Saved entries:
####
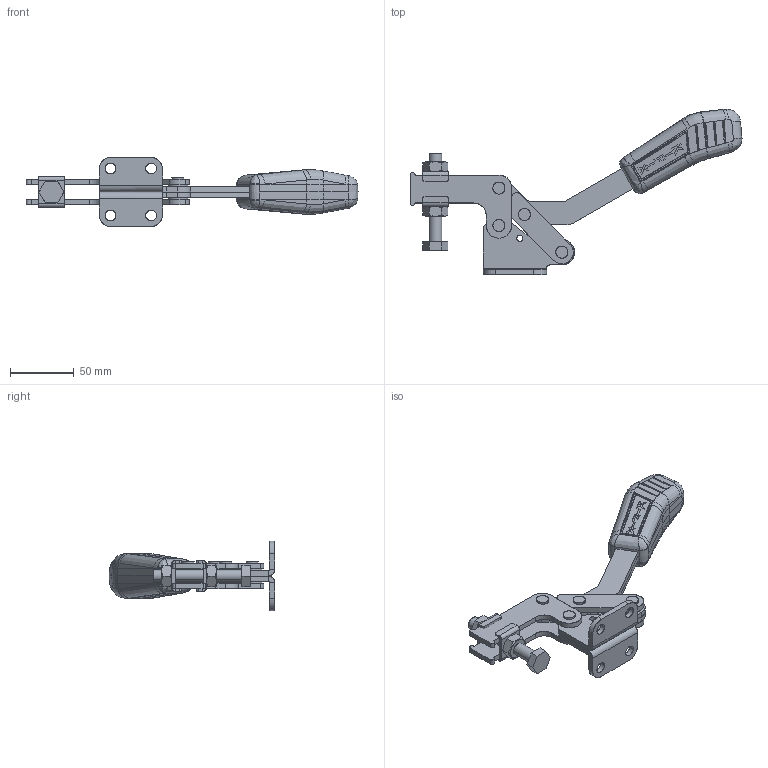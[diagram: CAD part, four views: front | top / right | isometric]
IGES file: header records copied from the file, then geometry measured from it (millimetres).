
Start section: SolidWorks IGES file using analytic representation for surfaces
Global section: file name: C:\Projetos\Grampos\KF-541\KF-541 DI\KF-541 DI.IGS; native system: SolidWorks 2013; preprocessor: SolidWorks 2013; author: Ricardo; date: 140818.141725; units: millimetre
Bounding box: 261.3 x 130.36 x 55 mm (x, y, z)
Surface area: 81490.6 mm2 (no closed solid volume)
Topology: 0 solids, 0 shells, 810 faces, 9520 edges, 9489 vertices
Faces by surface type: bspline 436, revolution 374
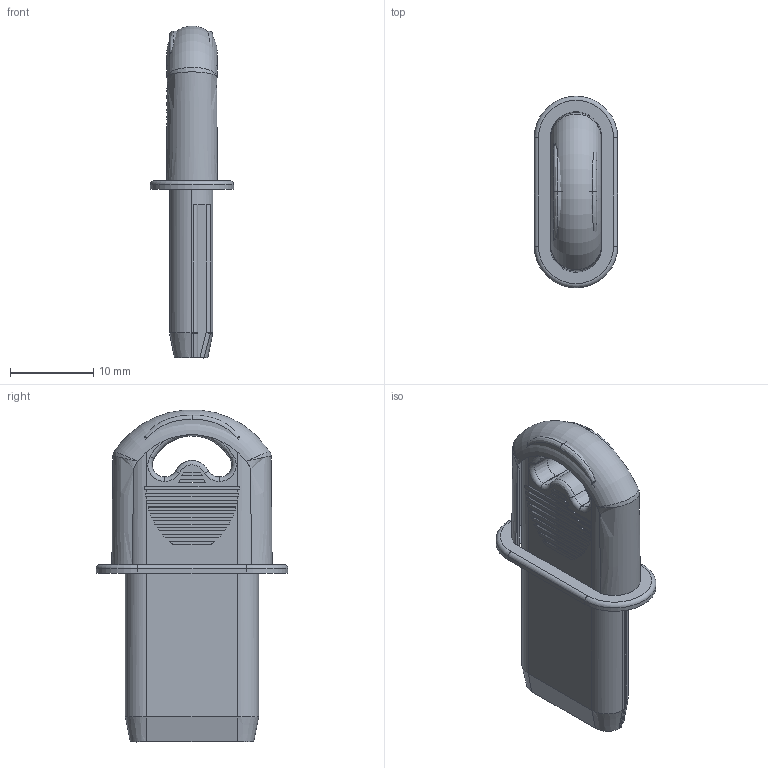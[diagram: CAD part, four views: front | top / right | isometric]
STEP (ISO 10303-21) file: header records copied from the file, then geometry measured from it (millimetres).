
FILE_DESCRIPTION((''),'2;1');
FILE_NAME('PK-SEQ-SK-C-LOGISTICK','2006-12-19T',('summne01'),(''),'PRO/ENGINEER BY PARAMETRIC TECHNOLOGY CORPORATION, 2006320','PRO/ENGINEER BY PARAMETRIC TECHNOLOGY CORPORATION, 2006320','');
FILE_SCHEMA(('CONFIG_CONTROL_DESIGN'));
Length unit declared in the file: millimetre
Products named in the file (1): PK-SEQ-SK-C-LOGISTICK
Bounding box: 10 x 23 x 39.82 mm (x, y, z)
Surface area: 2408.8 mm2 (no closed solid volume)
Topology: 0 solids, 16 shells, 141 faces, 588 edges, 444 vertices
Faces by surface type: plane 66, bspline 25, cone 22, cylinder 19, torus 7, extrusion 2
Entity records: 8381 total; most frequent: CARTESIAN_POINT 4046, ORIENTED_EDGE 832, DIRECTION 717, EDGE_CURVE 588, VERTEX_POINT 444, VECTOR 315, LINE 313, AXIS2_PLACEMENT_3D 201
####
Reproduce each entry precisely; the pictures stay out.

Result below —
[diagram: CAD part, four views: front | top / right | isometric]
IGES file: header records copied from the file, then geometry measured from it (millimetres).
Start section: SolidWorks IGES file using analytic representation for surfaces
Global section: file name: C:\Projetos\Grampos\KF-541\KF-541 DI\KF-541 DI.IGS; native system: SolidWorks 2013; preprocessor: SolidWorks 2013; author: Ricardo; date: 140818.141725; units: millimetre
Bounding box: 261.3 x 130.36 x 55 mm (x, y, z)
Surface area: 81490.6 mm2 (no closed solid volume)
Topology: 0 solids, 0 shells, 810 faces, 9520 edges, 9489 vertices
Faces by surface type: bspline 436, revolution 374
[diagram: CAD part, four views: front | top / right | isometric]
STEP (ISO 10303-21) file: header records copied from the file, then geometry measured from it (millimetres).
FILE_DESCRIPTION((''),'2;1');
FILE_NAME('PK-SEQ-SK-C-LOGISTICK','2006-12-19T',('summne01'),(''),'PRO/ENGINEER BY PARAMETRIC TECHNOLOGY CORPORATION, 2006320','PRO/ENGINEER BY PARAMETRIC TECHNOLOGY CORPORATION, 2006320','');
FILE_SCHEMA(('CONFIG_CONTROL_DESIGN'));
Length unit declared in the file: millimetre
Products named in the file (1): PK-SEQ-SK-C-LOGISTICK
Bounding box: 10 x 23 x 39.82 mm (x, y, z)
Surface area: 2408.8 mm2 (no closed solid volume)
Topology: 0 solids, 16 shells, 141 faces, 588 edges, 444 vertices
Faces by surface type: plane 66, bspline 25, cone 22, cylinder 19, torus 7, extrusion 2
Entity records: 8381 total; most frequent: CARTESIAN_POINT 4046, ORIENTED_EDGE 832, DIRECTION 717, EDGE_CURVE 588, VERTEX_POINT 444, VECTOR 315, LINE 313, AXIS2_PLACEMENT_3D 201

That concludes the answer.